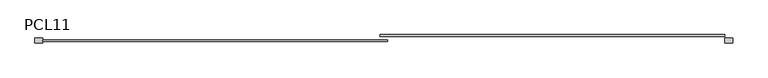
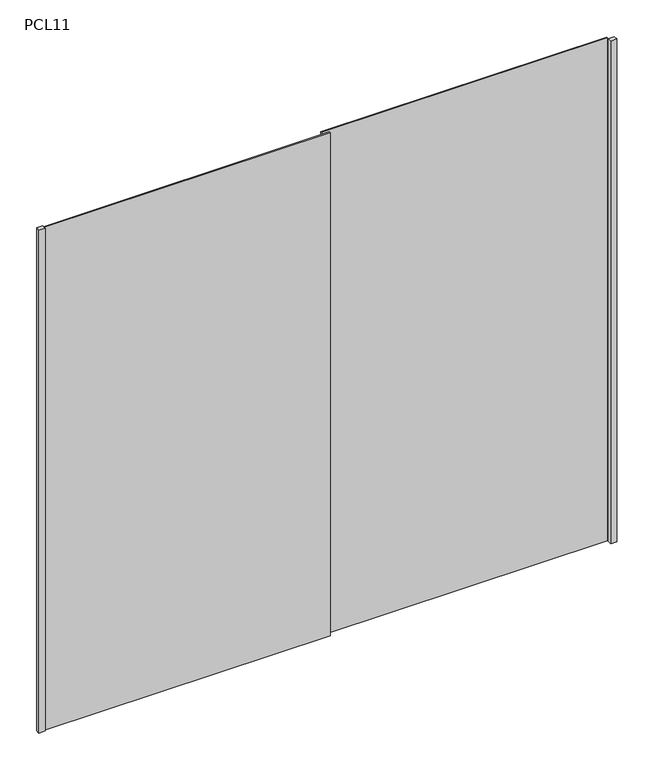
"""IFC4 building model written with IfcOpenShell, lengths in millimetres: furniture geometry, Puerta Closet corre 2 hojas : PCL11."""

from ifc_helpers import new_model, si_unit, origin, origin_with_axes, place, context, project, spatial, polyline, outline, extrude, source, transform, mapped, element, save


def pcl11_e883eab7(model_context):
    return source(origin(), model_context, "Body", "SweptSolid", [
        extrude(outline(polyline([(830.0, 80.0), (800.0, 80.0), (800.0, 100.0), (830.0, 100.0), (830.0, 80.0)])), origin_with_axes(), (0.0, 0.0, 1.0), 2520.0),
        extrude(outline(polyline([(800.0, 106.6666667), (-555.0, 106.6666667), (-555.0, 113.3333333), (800.0, 113.3333333), (800.0, 106.6666667)])), origin_with_axes(), (0.0, 0.0, 1.0), 2520.0),
        extrude(outline(polyline([(-525.0, 86.6666667), (-1880.0, 86.6666667), (-1880.0, 93.3333333), (-525.0, 93.3333333), (-525.0, 86.6666667)])), origin_with_axes(), (0.0, 0.0, 1.0), 2520.0),
        extrude(outline(polyline([(-1910.0, 80.0), (-1910.0, 100.0), (-1880.0, 100.0), (-1880.0, 80.0), (-1910.0, 80.0)])), origin_with_axes(), (0.0, 0.0, 1.0), 2520.0),
    ])


if __name__ == "__main__":
    model = new_model("IFC4")
    model_context = context("Model", 3, world=origin())
    ifc_project = project(units=[si_unit("LENGTHUNIT", "METRE", prefix="MILLI")], contexts=[model_context])
    site = spatial("IfcSite", under=ifc_project)
    building = spatial("IfcBuilding", under=site)
    placement = place(None, origin())
    pcl11_shape = pcl11_e883eab7(model_context)
    element("IfcFurniture", 1, ObjectType="Puerta Closet corre 2 hojas : PCL11", at=placement, inside=building, context=model_context, shape_type="MappedRepresentation", body=[
        mapped(pcl11_shape, transform((0.0, 0.0, 0.0), x_axis=(1.0, 0.0, 0.0), y_axis=(0.0, 1.0, 0.0), z_axis=(0.0, 0.0, 1.0))),
    ])
    save(model, "model.ifc")
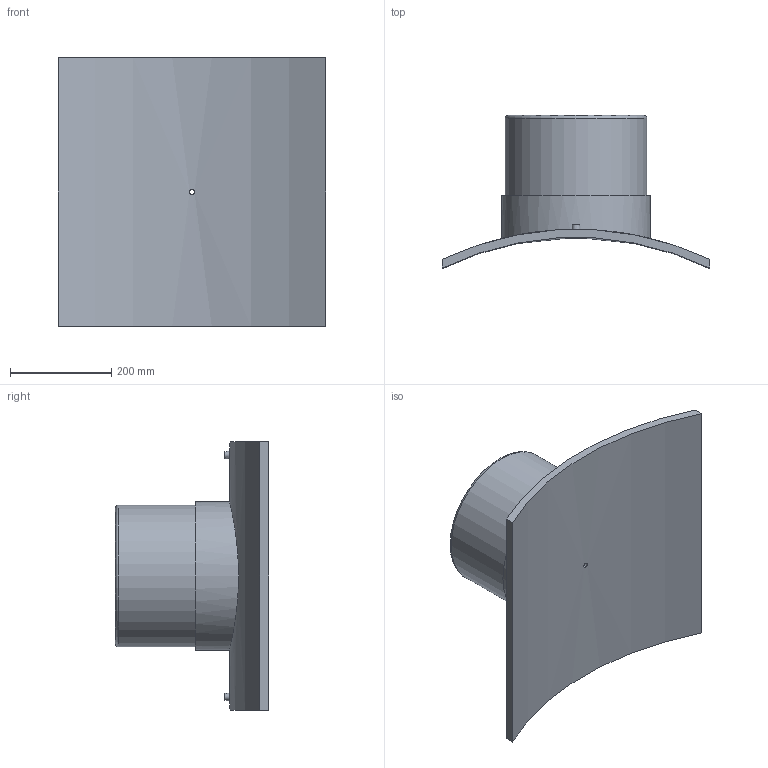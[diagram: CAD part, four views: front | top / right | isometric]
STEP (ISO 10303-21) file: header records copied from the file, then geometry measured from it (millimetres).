
FILE_DESCRIPTION(/* description */ ('PLASSON BRANCH SADDLE 1200x280'),/* implementation_level */ '2;1');
FILE_NAME(/* name */ 'C:\Dropbox\99-16-3568-Processing\ElectroFusion Fittings\495803\4958031200280T.ipt.stp',/* time_stamp */ '2021-02-25T09:43:42+02:00',/* author */ ('KIM'),/* organization */ (''),/* preprocessor_version */ 'ST-DEVELOPER v17.2',/* originating_system */ 'Autodesk Inventor 2019',/* authorisation */ '');
FILE_SCHEMA (('AUTOMOTIVE_DESIGN { 1 0 10303 214 3 1 1 }'));
Length unit declared in the file: millimetre
Products named in the file (1): 4958031200280T
Bounding box: 527 x 301.96 x 530 mm (x, y, z)
Volume: 10237444.3 mm3; surface area: 992029 mm2
Topology: 1 solids, 1 shells, 29 faces, 60 edges, 43 vertices
Faces by surface type: plane 13, cylinder 12, torus 2, cone 2
Full cylindrical faces by diameter (mm): 4 x2, 9.6 x1, 10 x2, 16 x1, 224 x1, 280 x1, 294 x1
Entity records: 1086 total; most frequent: CARTESIAN_POINT 400, DIRECTION 139, ORIENTED_EDGE 120, EDGE_CURVE 60, AXIS2_PLACEMENT_3D 60, VERTEX_POINT 43, EDGE_LOOP 41, CIRCLE 30

# # #

> Problem description
Reproduce the entries exactly, from the line with "from ifc_helpers import" to the line with "FILE_DESCRIPTION(/* description */", both lines included, keeping no pictures.

> Result of this task
from ifc_helpers import new_model, si_unit, origin, origin_with_axes, place, context, project, spatial, polyline, outline, extrude, source, transform, mapped, element, save


def pcl11_e883eab7(model_context):
    return source(origin(), model_context, "Body", "SweptSolid", [
        extrude(outline(polyline([(830.0, 80.0), (800.0, 80.0), (800.0, 100.0), (830.0, 100.0), (830.0, 80.0)])), origin_with_axes(), (0.0, 0.0, 1.0), 2520.0),
        extrude(outline(polyline([(800.0, 106.6666667), (-555.0, 106.6666667), (-555.0, 113.3333333), (800.0, 113.3333333), (800.0, 106.6666667)])), origin_with_axes(), (0.0, 0.0, 1.0), 2520.0),
        extrude(outline(polyline([(-525.0, 86.6666667), (-1880.0, 86.6666667), (-1880.0, 93.3333333), (-525.0, 93.3333333), (-525.0, 86.6666667)])), origin_with_axes(), (0.0, 0.0, 1.0), 2520.0),
        extrude(outline(polyline([(-1910.0, 80.0), (-1910.0, 100.0), (-1880.0, 100.0), (-1880.0, 80.0), (-1910.0, 80.0)])), origin_with_axes(), (0.0, 0.0, 1.0), 2520.0),
    ])


if __name__ == "__main__":
    model = new_model("IFC4")
    model_context = context("Model", 3, world=origin())
    ifc_project = project(units=[si_unit("LENGTHUNIT", "METRE", prefix="MILLI")], contexts=[model_context])
    site = spatial("IfcSite", under=ifc_project)
    building = spatial("IfcBuilding", under=site)
    placement = place(None, origin())
    pcl11_shape = pcl11_e883eab7(model_context)
    element("IfcFurniture", 1, ObjectType="Puerta Closet corre 2 hojas : PCL11", at=placement, inside=building, context=model_context, shape_type="MappedRepresentation", body=[
        mapped(pcl11_shape, transform((0.0, 0.0, 0.0), x_axis=(1.0, 0.0, 0.0), y_axis=(0.0, 1.0, 0.0), z_axis=(0.0, 0.0, 1.0))),
    ])
    save(model, "model.ifc")
[diagram: CAD part, four views: front | top / right | isometric]
STEP (ISO 10303-21) file: header records copied from the file, then geometry measured from it (millimetres).
FILE_DESCRIPTION(/* description */ ('PLASSON BRANCH SADDLE 1200x280'),/* implementation_level */ '2;1');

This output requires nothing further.